Leaning over, he kissed me again, sweetly, gently, protectively, like I was the most wonderful, important thing in the world to him. There was a desperation in his kiss, the way his mouth moved on mine, like he was memorizing my lips and my taste.

Like this is the last time.

But why would I think that?

Finally, he pulled away.

“I’m giving you the life you deserve, Tovah. Starting with letting you go.”

“Isaac, what are you talking about?” I asked, my heart starting to beat faster in fear.

He sat up, rising off the bed. “You told me how much you wanted freedom; you wanted to live a life without looking over your shoulder. But I can’t give you that, not if you’re with me. Now that my father is dead, I’m in charge of the family. The whole business. And it’s not safe for you. It’ll never be safe for you. You almost died next to me, and I couldn’t save you. I refuse to let anything to happen to you. I refuse to be the cause of your death. And if you stay with me, if I let you love me, if we spend the rest of our lives together, you will end up dying. Someone will take you from me, and I can’t live with that. So I have to let you go.”

“What kind of White Fang bullshit is this?” I asked furiously, but behind my anger, my heart was beginning to break.

“It’s not bullshit,” he said emphatically. “If I do one good thing with my life, before I get fully entrenched in the darkness, before I become my father, it’ll be this.”

“Isaac,” I reached for his hand, but he was already backing away from the bed. “I’m sorry. I never should have told you that you were like your father. You’re nothing like him. You are nothing like that man. He was soulless, heartless, dead inside long before you killed him for me. Don’t do this.”

He closed his eyes, like it hurt to look at me. “I’m already becoming my father. It’s the sacrifice I made, to save you—and I’d do it a million times over.”

“You aren’t saving me, Isaac,” I said, devastation, anger, and shock all fighting each other as I felt myself falling off the side of a cliff. I thought we were about to have everything, and he’d ripped it all right out from under me. “You’re letting your fear control you.”

When he opened his eyes, they were as broken as I felt. Worse, the light in them looked like it was dying. Like he was becoming his father.

Never. I’d never let him.

He turned to go.

Furious, I sat up, trying to rip the IV out of my arm.

“Don’t you fucking leave, Isaac Silver. I swear to god, I will follow you and I will torment you, every second of every day, to make you pay for doing this to us.”
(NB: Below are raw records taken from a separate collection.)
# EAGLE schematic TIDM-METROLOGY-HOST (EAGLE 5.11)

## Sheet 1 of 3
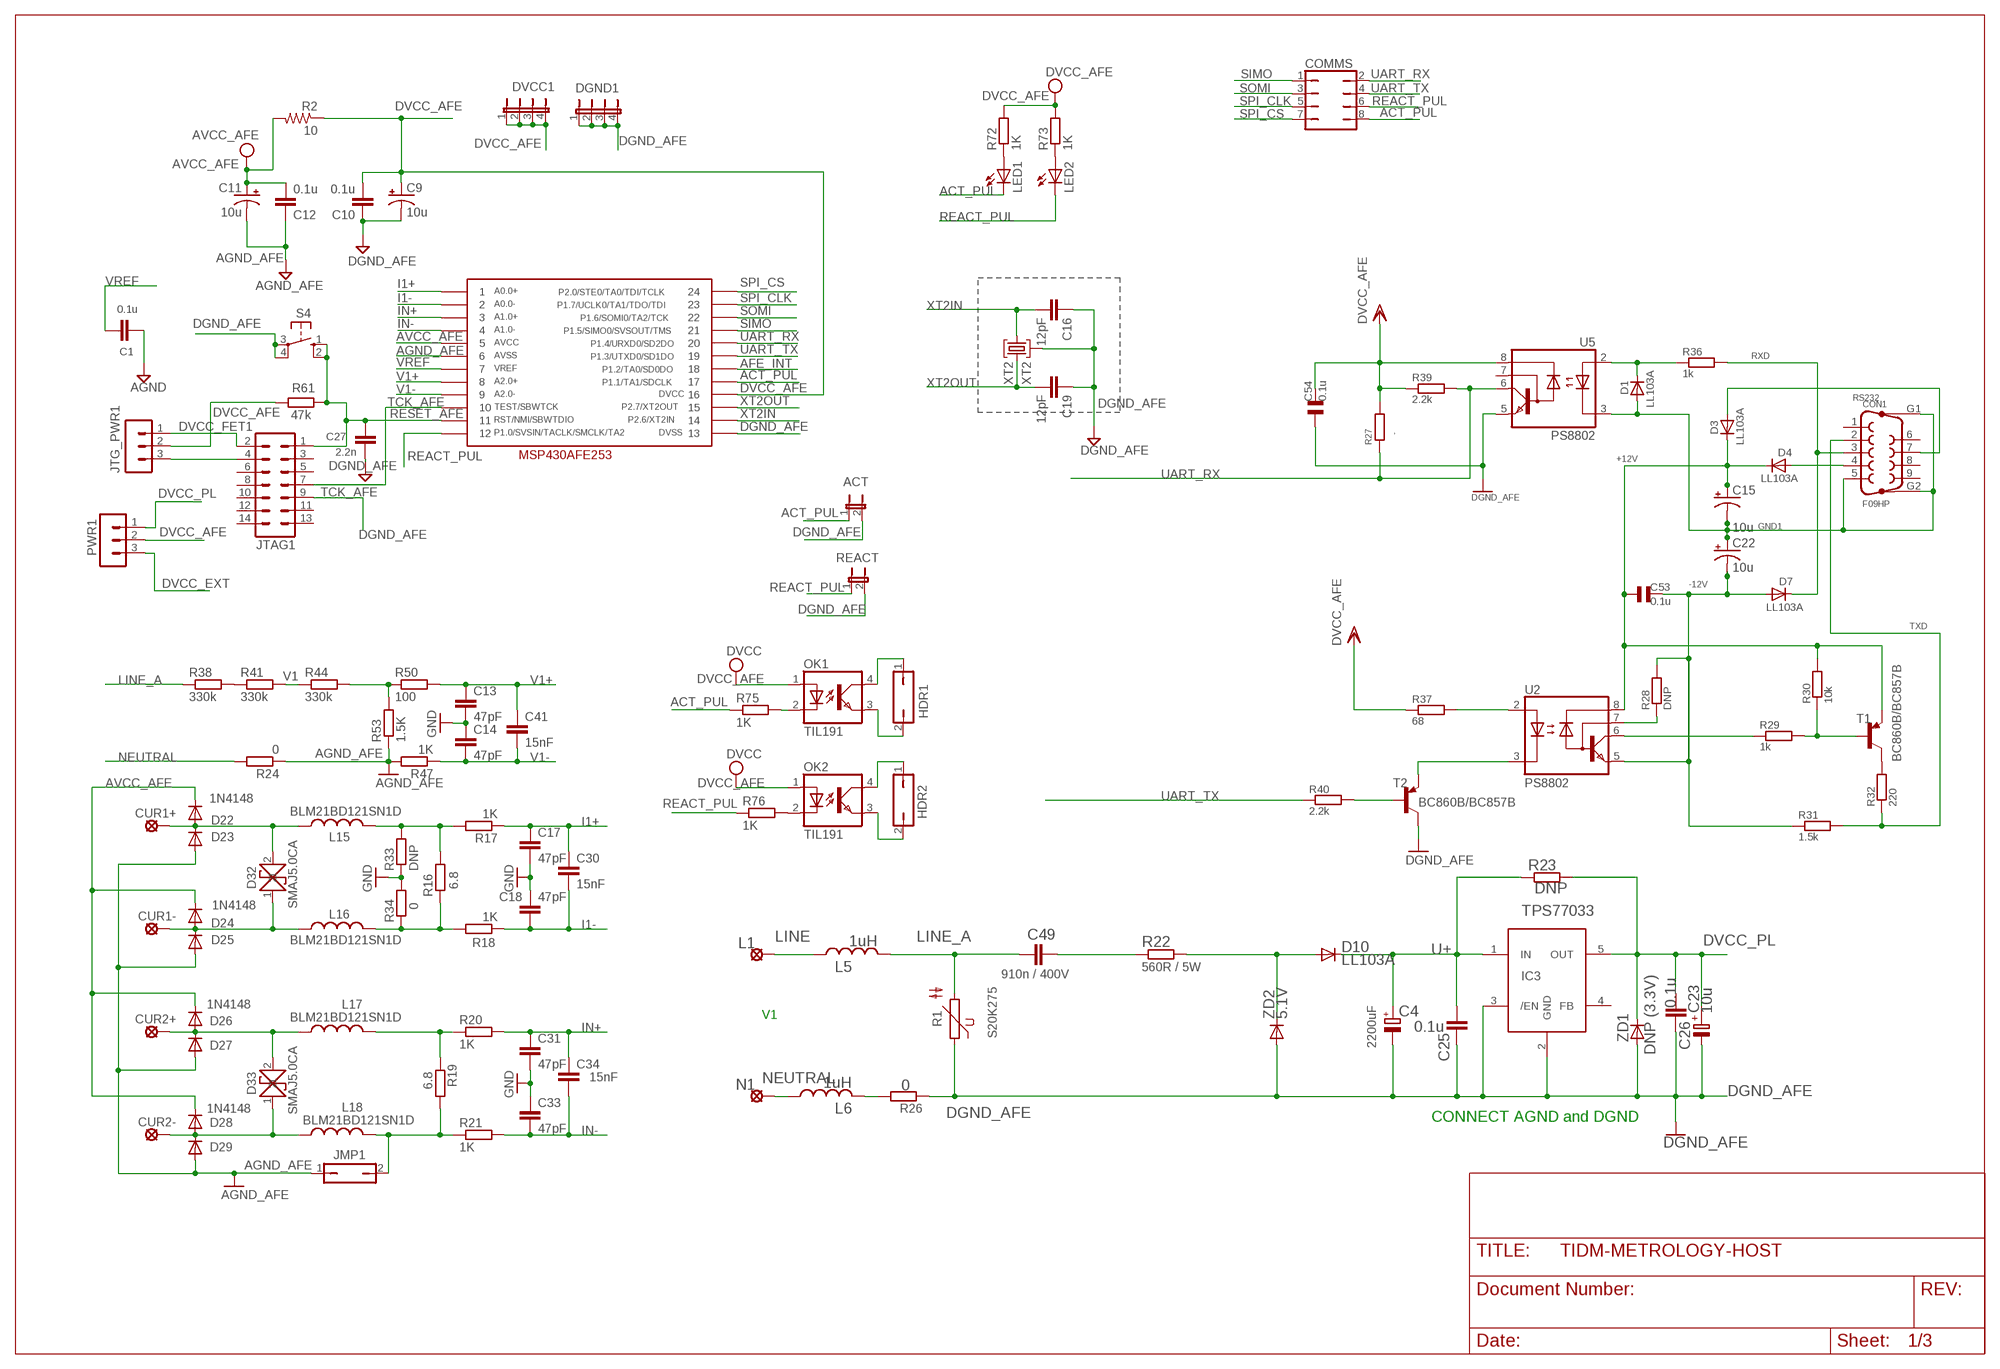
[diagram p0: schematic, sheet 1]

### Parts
ACT  JP1E  [JP1]
C1  0.1u  C-EUC0603  [C0603]
C4  2200uF  CPOL-EUE5-13  [E5-13]
C9  10u  CPOL-USCT3216  [CT3216]
C10  0.1u  C-EUC0603  [C0603]
C11  10u  CPOL-USCT3216  [CT3216]
C12  0.1u  C-EUC0603  [C0603]
C13  47pF  C-EUC0603  [C0603]
C14  47pF  C-EUC0603  [C0603]
C15  10u  CPOL-USCT3216  [CT3216]
C16  12pF  C-EUC0603  [C0603]
C17  47pF  C-EUC0603  [C0603]
C18  47pF  C-EUC0603  [C0603]
C19  12pF  C-EUC0603  [C0603]
C22  10u  CPOL-USCT3216  [CT3216]
C23  10u  ELKO_1210  [1210ELKO]
C25  0.1u  C-EUC0603  [C0603]
C26  0.1u  C-EUC0603  [C0603]
C27  2.2n  C-EUC0603  [C0603]
C30  15nF  C-EUC0603  [C0603]
C31  47pF  C-EUC0603  [C0603]
C33  47pF  C-EUC0603  [C0603]
C34  15nF  C-EUC0603  [C0603]
C41  15nF  C-EUC0603  [C0603]
C49  910n / 400V  C-EU225-062X268  [C225-062X268]
C53  0.1u  CSMD0805  [CSMD0805]
C54  0.1u  CSMD0805  [CSMD0805]
COMMS  JP4Q  [JP4Q]
CON1  F09HP  [F09HP]
CUR1+  LSP10  [LSP10]
CUR1-  LSP10  [LSP10]
CUR2+  LSP10  [LSP10]
CUR2-  LSP10  [LSP10]
D1  LL103A  D  [SOD-80]
D3  LL103A  D  [SOD-80]
D4  LL103A  D  [SOD-80]
D7  LL103A  D  [SOD-80]
D10  LL103A  D  [SOD-80]
D22  1N4148  1N4148SOD80C  [SOD80C]
D23  1N4148  1N4148SOD80C  [SOD80C]
D24  1N4148  1N4148SOD80C  [SOD80C]
D25  1N4148  1N4148SOD80C  [SOD80C]
D26  1N4148  1N4148SOD80C  [SOD80C]
D27  1N4148  1N4148SOD80C  [SOD80C]
D28  1N4148  1N4148SOD80C  [SOD80C]
D29  1N4148  1N4148SOD80C  [SOD80C]
D32  SMAJ5.0CA  SMAJ  [DO-214]
D33  SMAJ5.0CA  SMAJ  [DO-214]
DGND1  JP4E  [JP4]
DVCC1  JP4E  [JP4]
HDR1  JP1Q  [JP1]
HDR2  JP1Q  [JP1]
IC3  TPS77033  TPS77001  [SOT23/5]
JMP1  JP1Q  [JP1]
JTAG1  MA07-2MA07-2JTAG  [MA07-2JTAG]
JTG_PWR1  MA03-1MA03-1  [MA03-1]
L1  LSP10  [LSP10]
L5  1uH  L-US08050805  [0805@1]
L6  1uH  L-US08050805  [0805@1]
L15  BLM21BD121SN1D  L-USL2012C  [L2012C]
L16  BLM21BD121SN1D  L-USL2012C  [L2012C]
L17  BLM21BD121SN1D  L-USL2012C  [L2012C]
L18  BLM21BD121SN1D  L-USL2012C  [L2012C]
LED1  LED3MM  [LED3MM]
LED2  LED3MM  [LED3MM]
N1  LSP10  [LSP10]
OK1  TIL191  [DIL04]
OK2  TIL191  [DIL04]
PWR1  MA03-1MA03-1  [MA03-1]
R1  S20K275  [S20K275]
R2  10  R-US_R0603  [R0603]
R16  6.8  R-EU_R0603  [R0603]
R17  1K  R-EU_R0603  [R0603]
R18  1K  R-EU_R0603  [R0603]
R19  6.8  R-EU_R0603  [R0603]
R20  1K  R-EU_R0603  [R0603]
R21  1K  R-EU_R0603  [R0603]
R22  560R / 5W  R-EU_0817/7V  [P0817V@1]
R23  DNP  R_0805  [0805]
R24  0  R-EU_R0603  [R0603]
R26  0  R-EU_R0603  [R0603]
R27  -  0204/5  [0805]
R28  DNP  R_0805  [0805]
R29  1k  R_0805  [0805]
R30  10k  R_0805  [0805]
R31  1.5k  R_0805  [0805]
R32  220  R_0805  [0805]
R33  DNP  R-EU_R0603  [R0603]
R34  0  R-EU_R0603  [R0603]
R36  1k  R_0805  [0805]
R37  68  R_0805  [0805]
R38  330k  R-EU_R0603  [R0603]
R39  2.2k  R_0805  [0805]
R40  2.2k  R_0805  [0805]
R41  330k  R-EU_R0603  [R0603]
R44  330k  R-EU_R0603  [R0603]
R47  1K  R-EU_R0603  [R0603]
R50  100  R-EU_R0603  [R0603]
R53  1.5K  R-EU_R0603  [R0603]
R61  47k  R-EU_R0603  [R0603]
R72  1K  R-EU_R0603  [R0603]
R73  1K  R-EU_R0603  [R0603]
R75  1K  R-EU_R0603  [R0603]
R76  1K  R-EU_R0603  [R0603]
REACT  JP1E  [JP1]
S4  10-XX  [B3F-10XX]
T1  BC860B/BC857B  BC857ASMD  [SOT23-BEC]
T2  BC860B/BC857B  BC857ASMD  [SOT23-BEC]
U2  PS8802  PS8802SO08  [SO08]
U5  PS8802  PS8802SO08  [SO08]
U$1  MSP430AFE_24TSSOP  [MSP430AFE_24TSSOP]
XT2  XT2  X905  [X905]
ZD1  DNP (3.3V)  D  [SOD-80]
ZD2  5.1V  D  [SOD-80]

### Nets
+12V: C15.+ C53.1 D3.2(K) D4.2(K) R30.2 T1.E U2.8(VCC)
+12V1: CON1.7 D3.1(A)
+12V3: CON1.4 D4.1(A)
-12V: C22.- C53.2 D7.1(A) R28.2 R31.1 U2.5(GND)
ACT_PUL: ACT.1 COMMS.8 LED1.K(C) R75.1 U$1.P$17
AFE_INT: U$1.P$18 ; also sheet 2
AGND_AFE: C1.1 C11.- C12.1 C13.2 C14.1 C17.2 C18.1 C31.2 C33.1 D23.A D25.A D27.A D29.A JMP1.1 R24.1 R33.1 R34.2 R47.2 R53.1 U$1.P$6 ; supply symbol labelled GND, AGND
AVCC_AFE: C11.+ C12.2 D22.C D24.C D26.C D28.C R2.2 U$1.P$5
DGND_AFE: ACT.2 C4.- C9.- C10.1 C16.1 C19.1 C23.- C25.1 C26.1 C27.2 C54.1 DGND1.1 DGND1.2 DGND1.3 DGND1.4 IC3.2(GND) IC3.3(/EN) JTAG1.9 R1.1 R26.1 REACT.2 S4.3(P) S4.4(P1) T2.C U5.5(GND) U$1.P$13 XT2.2 ZD1.1(A) ZD2.1(A) ; also sheet 2
DVCC_AFE: C9.+ C10.2 C54.2 DVCC1.1 DVCC1.2 DVCC1.3 DVCC1.4 JTG_PWR1.2 OK1.1(A) OK2.1(A) PWR1.2 R2.1 R27.2 R37.1 R39.1 R61.1 R72.2 R73.2 U5.8(VCC) U$1.P$16 ; supply symbol labelled DVCC ; also sheet 2
DVCC_EXT: PWR1.3
DVCC_FET1: JTAG1.2 JTG_PWR1.1
DVCC_PL: C23.+ C26.2 IC3.5(OUT) PWR1.1 R23.2 ZD1.2(K)
GND1: C15.- C22.+ CON1.5 CON1.G1 CON1.G2 D1.1(A) U5.3(C)
I1+: C17.1 C30.1 R17.1 U$1.P$1
I1-: C18.2 C30.2 R18.1 U$1.P$2
IN+: C31.1 C34.1 R20.2 U$1.P$3
IN-: C33.2 C34.2 R21.2 U$1.P$4
LINE: L1.MP L5.1
LINE_A: C49.1 L5.2 R1.2 R38.1
N$1: L6.2 R26.2
N$2: D1.2(K) R36.1 U5.2(A)
N$3: R28.1 U2.7(VB)
N$4: R29.1 U2.6(VO)
N$5: R32.2 T1.C
N$8: R40.2 T2.B
N$19: CUR1+.MP D22.A D23.C D32.2 L15.1
N$20: CUR1-.MP D24.A D25.C D32.1 L16.1
N$21: CUR2+.MP D26.A D27.C D33.2 L17.1
N$22: CUR2-.MP D28.A D29.C D33.1 L18.1
N$24: JMP1.2 L18.2 R19.2 R21.1
N$26: C49.2 R22.1
N$27: L16.2 R16.1 R18.2 R34.1
N$29: D10.1(A) R22.2 ZD2.2(K)
N$30: R29.2 R30.1 T1.B
N$31: L17.2 R19.1 R20.1
N$32: R44.2 R50.1 R53.2
N$39: R38.2 R41.1
N$42: L15.2 R16.2 R17.2 R33.2
N$49: R37.2 U2.2(A)
N$104: LED1.A R72.1
N$105: LED2.A R73.1
N$109: HDR1.1 OK1.4(COL)
N$113: OK2.2(C) R76.2
N$114: OK1.2(C) R75.2
N$117: HDR1.2 OK1.3(EMIT)
N$118: HDR2.1 OK2.4(COL)
N$119: HDR2.2 OK2.3(EMIT)
N$130: JTAG1.4 JTG_PWR1.3
N$455: T2.E U2.3(C)
NEUTRAL: L6.1 N1.MP R24.2
REACT_PUL: COMMS.6 LED2.K(C) R76.1 REACT.1 U$1.P$12
RESET_AFE: C27.1 JTAG1.1 R61.2 S4.1(S) S4.2(S1) U$1.P$11
RXD: CON1.3 D7.2(K) R36.2
SIMO: COMMS.1 U$1.P$21 ; also sheet 2
SOMI: COMMS.3 U$1.P$22 ; also sheet 2
SPI_CLK: COMMS.5 U$1.P$23 ; also sheet 2
SPI_CS: COMMS.7 U$1.P$24 ; also sheet 2
TCK_AFE: JTAG1.7 U$1.P$10
TXD: CON1.2 R31.2 R32.1
U+: C4.+ C25.2 D10.2(K) IC3.1(IN) R23.1
UART_RX: COMMS.2 R27.1 R39.2 U5.6(VO) U$1.P$20
UART_TX: COMMS.4 R40.1 U$1.P$19
V1: R41.2 R44.1
V1+: C13.1 C41.1 R50.2 U$1.P$8
V1-: C14.2 C41.2 R47.1 U$1.P$9
VREF: C1.2 U$1.P$7
XT2IN: C16.2 U$1.P$14 XT2.1
XT2OUT: C19.2 U$1.P$15 XT2.3
Unconnected: CON1.1 CON1.6 CON1.8 CON1.9 IC3.4(FB) JTAG1.3 JTAG1.5 JTAG1.6 JTAG1.8 JTAG1.10 JTAG1.11 JTAG1.12 JTAG1.13 JTAG1.14 U5.7(VB)

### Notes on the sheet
- RS232
- V1
- CONNECT AGND and DGND

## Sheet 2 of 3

He whipped back around. “You think I’m not already tormented? You think anything you can do will hurt more than letting you go? It’s going to kill me, Tovah. It’s killing me now . The monster in me wants to keep you, cuffed to my wrist forever, but I’m not giving into him this time. I promised that I’d atone for everything I’ve done to hurt you, and this is me doing it. I transferred the deed to the house in your name. You and your mom can live there. I’m going to give you everything else you ever dreamed about, too.”

“But what if what I dreamed about is you?”

He shook his head, like he wanted, no, needed to reject my words. “You’ll finish up school,” he continued. “You’ll go on to be a journalist and do brilliant, incredible things with your life. And you and your mom will be free of the Silvers and all the ways we’ve hurt you over the years. That’s what I want for you. To be safe, and happy, and free . Be happy, bashert. And know that I will never, ever stop loving you.”

And with that, he left the room, ignoring the way I cried his name.

And even though I kept crying it, he didn’t come back.